Potatoes are often called the second bread, emphasizing the extraordinary importance of this crop. Yet in terms of labor intensity, especially on individual plots, it is far from last on the list. All the more so if all the work is done here the old-fashioned way, without any means of mechanization.
A device I designed is intended to make the gardener’s life a little easier. It performs two functions at once: those of a tracer and a potato planter. After seeing the homemade machine at work, all the neighbors wanted to get one just like it (which, by the way, nearly triples labor productivity during tracing and planting) or a similar device for personal use. However, it is not possible to fulfill that request right now: I have neither the time nor the appropriate materials. But there are sketches by which (see the illustrations) anyone can personally make an accurate (and, most importantly, fully workable) copy of the liked “mechanical helper.”
It is easy to see that the proposed design is based on a welded structure made of water and gas pipes. It is fitted with two hole-forming elements, as well as a telescopically sliding bracket and three markers that can be securely fixed in any of the provided positions with locking bolts. In addition, the upper part of this structure has a welded bushing in which a tubular upright is secured with a clamping M10 bolt. Branching at the top, the upright forms two handles with limiters at the end of each.

1 — base (water or gas pipe 60×3, length 565 mm), 2 — conical tip (from a development, made of St3 sheet 1.5 mm thick, 2 pcs.), 3 — hole-former body (pipe 60×3, length 100 mm, 2 pcs.), 4 — marker (pipe 21×2.5, length 250 mm, 3 pcs.), 5 — marker bracket (pipe 21×2.5, length 330 mm, 2 pcs.), 6 — guide bushing (pipe 27×3, length 65 mm, 2 pcs.), 7 — M8 locking bolt (3 pcs.), 8 — M8 nut (welded, 3 pcs.), 9 — welded upright bushing (pipe 27×3, length 120 mm), 10 — upright with handles (pipe 21×2.5), 11 — M10 clamping bolt, 12 — sliding bracket (pipe 54×2.5, length 560 mm), 13 — stop plug (2 pcs.).
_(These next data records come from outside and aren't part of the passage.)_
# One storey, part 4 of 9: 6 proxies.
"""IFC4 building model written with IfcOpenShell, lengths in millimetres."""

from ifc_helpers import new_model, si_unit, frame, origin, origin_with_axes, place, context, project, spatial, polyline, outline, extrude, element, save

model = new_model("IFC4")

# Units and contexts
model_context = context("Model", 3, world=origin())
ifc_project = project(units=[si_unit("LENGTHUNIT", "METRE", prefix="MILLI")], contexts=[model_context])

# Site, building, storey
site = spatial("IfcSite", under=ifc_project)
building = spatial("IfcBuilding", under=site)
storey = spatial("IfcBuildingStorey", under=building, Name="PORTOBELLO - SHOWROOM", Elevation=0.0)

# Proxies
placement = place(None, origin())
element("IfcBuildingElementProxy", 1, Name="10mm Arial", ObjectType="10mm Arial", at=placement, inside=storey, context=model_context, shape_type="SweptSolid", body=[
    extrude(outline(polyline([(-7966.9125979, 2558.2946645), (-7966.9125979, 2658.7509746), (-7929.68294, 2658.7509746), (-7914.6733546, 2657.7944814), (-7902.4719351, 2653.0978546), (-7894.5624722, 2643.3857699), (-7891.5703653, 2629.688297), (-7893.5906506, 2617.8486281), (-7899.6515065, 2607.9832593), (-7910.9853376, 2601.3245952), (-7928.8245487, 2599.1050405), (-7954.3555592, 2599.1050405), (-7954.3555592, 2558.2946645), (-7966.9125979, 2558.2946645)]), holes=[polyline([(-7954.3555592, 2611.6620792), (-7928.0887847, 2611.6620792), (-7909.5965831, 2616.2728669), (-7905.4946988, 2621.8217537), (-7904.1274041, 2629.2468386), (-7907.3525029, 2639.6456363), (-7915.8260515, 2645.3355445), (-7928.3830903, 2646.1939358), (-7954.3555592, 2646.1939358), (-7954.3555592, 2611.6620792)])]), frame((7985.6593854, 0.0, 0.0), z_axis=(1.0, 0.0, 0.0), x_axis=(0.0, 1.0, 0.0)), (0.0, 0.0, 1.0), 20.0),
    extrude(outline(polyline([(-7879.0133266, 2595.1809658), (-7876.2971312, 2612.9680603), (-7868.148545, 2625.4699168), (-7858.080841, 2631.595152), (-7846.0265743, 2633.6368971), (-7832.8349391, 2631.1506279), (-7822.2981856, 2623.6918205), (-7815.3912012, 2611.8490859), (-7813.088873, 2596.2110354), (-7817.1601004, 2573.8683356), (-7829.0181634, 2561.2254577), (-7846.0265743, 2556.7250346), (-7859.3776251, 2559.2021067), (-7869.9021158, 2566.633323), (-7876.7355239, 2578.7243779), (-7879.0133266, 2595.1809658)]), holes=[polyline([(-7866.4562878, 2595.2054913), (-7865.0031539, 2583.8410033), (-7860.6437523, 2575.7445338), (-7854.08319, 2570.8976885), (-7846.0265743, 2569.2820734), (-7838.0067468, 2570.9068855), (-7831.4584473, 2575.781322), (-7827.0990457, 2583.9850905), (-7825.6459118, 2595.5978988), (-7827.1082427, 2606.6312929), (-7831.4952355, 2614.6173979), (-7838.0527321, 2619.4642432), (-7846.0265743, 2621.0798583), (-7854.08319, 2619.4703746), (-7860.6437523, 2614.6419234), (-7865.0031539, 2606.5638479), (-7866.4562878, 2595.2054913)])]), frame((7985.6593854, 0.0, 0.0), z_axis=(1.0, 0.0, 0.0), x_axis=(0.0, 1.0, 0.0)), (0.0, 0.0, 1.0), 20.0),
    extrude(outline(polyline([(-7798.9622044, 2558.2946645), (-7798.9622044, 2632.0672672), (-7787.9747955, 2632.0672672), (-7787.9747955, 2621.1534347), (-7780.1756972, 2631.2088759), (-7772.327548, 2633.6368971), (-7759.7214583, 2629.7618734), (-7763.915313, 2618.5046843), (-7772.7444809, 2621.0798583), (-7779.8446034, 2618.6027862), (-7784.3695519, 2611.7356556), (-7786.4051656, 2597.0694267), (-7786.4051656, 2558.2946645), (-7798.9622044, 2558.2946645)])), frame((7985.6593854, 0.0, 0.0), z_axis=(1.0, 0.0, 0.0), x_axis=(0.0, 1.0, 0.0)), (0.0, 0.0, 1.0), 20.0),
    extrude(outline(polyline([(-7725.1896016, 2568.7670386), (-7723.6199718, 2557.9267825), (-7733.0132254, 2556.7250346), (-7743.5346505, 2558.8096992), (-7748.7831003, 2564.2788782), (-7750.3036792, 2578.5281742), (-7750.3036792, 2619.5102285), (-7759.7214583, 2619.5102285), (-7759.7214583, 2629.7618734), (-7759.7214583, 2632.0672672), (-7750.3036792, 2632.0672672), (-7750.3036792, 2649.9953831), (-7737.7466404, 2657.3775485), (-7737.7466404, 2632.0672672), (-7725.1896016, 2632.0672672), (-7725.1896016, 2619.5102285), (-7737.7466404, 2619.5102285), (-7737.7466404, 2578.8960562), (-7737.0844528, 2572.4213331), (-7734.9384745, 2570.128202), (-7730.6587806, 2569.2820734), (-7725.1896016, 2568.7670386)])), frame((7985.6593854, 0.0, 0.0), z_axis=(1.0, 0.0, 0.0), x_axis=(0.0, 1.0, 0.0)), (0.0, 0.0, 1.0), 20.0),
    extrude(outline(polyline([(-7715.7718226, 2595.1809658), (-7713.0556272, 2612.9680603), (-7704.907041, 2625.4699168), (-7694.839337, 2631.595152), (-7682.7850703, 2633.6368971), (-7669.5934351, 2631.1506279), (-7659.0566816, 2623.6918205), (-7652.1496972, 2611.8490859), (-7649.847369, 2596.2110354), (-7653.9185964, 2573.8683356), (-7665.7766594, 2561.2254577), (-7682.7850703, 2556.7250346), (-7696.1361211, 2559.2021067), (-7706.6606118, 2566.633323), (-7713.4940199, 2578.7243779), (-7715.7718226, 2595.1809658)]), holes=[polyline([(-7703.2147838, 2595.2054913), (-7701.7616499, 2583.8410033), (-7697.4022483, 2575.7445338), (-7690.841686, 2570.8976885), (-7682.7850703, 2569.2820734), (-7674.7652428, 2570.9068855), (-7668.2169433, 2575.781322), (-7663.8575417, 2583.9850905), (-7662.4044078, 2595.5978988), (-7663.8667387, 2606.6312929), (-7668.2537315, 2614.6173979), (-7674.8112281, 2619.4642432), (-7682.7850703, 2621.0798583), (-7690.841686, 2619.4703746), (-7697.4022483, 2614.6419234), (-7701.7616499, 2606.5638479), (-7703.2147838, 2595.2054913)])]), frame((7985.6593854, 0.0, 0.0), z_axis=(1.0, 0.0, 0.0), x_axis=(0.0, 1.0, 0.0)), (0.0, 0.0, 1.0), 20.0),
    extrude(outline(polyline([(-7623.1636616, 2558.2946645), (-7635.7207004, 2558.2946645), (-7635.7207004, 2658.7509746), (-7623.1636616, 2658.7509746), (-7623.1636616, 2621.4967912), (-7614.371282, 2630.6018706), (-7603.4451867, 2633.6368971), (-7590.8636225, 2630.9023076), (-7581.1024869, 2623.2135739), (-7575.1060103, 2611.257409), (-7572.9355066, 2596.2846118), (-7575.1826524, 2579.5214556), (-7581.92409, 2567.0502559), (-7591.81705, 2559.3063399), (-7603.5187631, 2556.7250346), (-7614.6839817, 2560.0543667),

Telescopically connected parts and assemblies make it possible not only to adapt this device relatively easily to specific working conditions (for example, to set the required spacing during tracing and planting), but also to disassemble it afterward for convenient carrying and compact storage.
As for the manufacturing technology of the structure, everything here, as they say, is without any significant peculiarities. The blanks are cut lengths of steel water and gas pipes and 1.5 mm steel sheet (St3) of the appropriate sizes (see the illustrations). Properly fitted parts are welded butt-to-butt. The seam is continuous, with subsequent grinding on an emery wheel.
The proposed design has no provision for adjusting the distance between rows, because such a device would inevitably make the entire structure heavier. For the inter-row spacing, I chose what I consider the optimal, practice-proven option. And if it does not suit someone, it is easy to make the appropriate changes to the sketches published in the magazine pages and build a tracer-potato planter with the distance between the hole formers that best suits the particular maker-user.
Now for the operating technique of our mechanical helper. After stretching a cord (only for the first row; after that it will no longer be needed), tracing and planting begin. The device is held with both hands, elbows slightly bent. It is set so that the first hole former is at the peg, and the right marker linked to it runs straight along the cord; then the right foot presses on the base pipe at the point marked on the illustrations with a wide arrow. At once, a pair of planting holes and three marking points appear on the plot. The two side ones serve as guides during tracing and planting of the next row, and the front one serves as a pilot signal for a new (next) placement of the mechanical helper. Then comes another foot press (more precisely, a step), as a result of which new holes for planting potatoes are formed.

The work usually moves forward so quickly that the helpers working together with the “operator” barely have time to drop potatoes into the appearing holes while covering them at the same time. After completing the first pass, the workers turn around and just as successfully make the second pass, guided by the marks left by the pair of side markers. (Although the operator need not turn around and can continue working while moving backward.) Then comes the third pass, the fourth… And so on until potato planting on the plot is fully completed.
Further work — whether weeding, hilling, or harvesting — is also made easier, because all the rows are, as they say, ruler-straight. All the more so if you also have appropriate mechanical helpers here, such as original hand cultivators, hilling plows, and various potato diggers. Their descriptions and sketches were published on the pages of Modelist-Konstruktor, which I have read (as, probably, have many other DIY enthusiasts) since early childhood.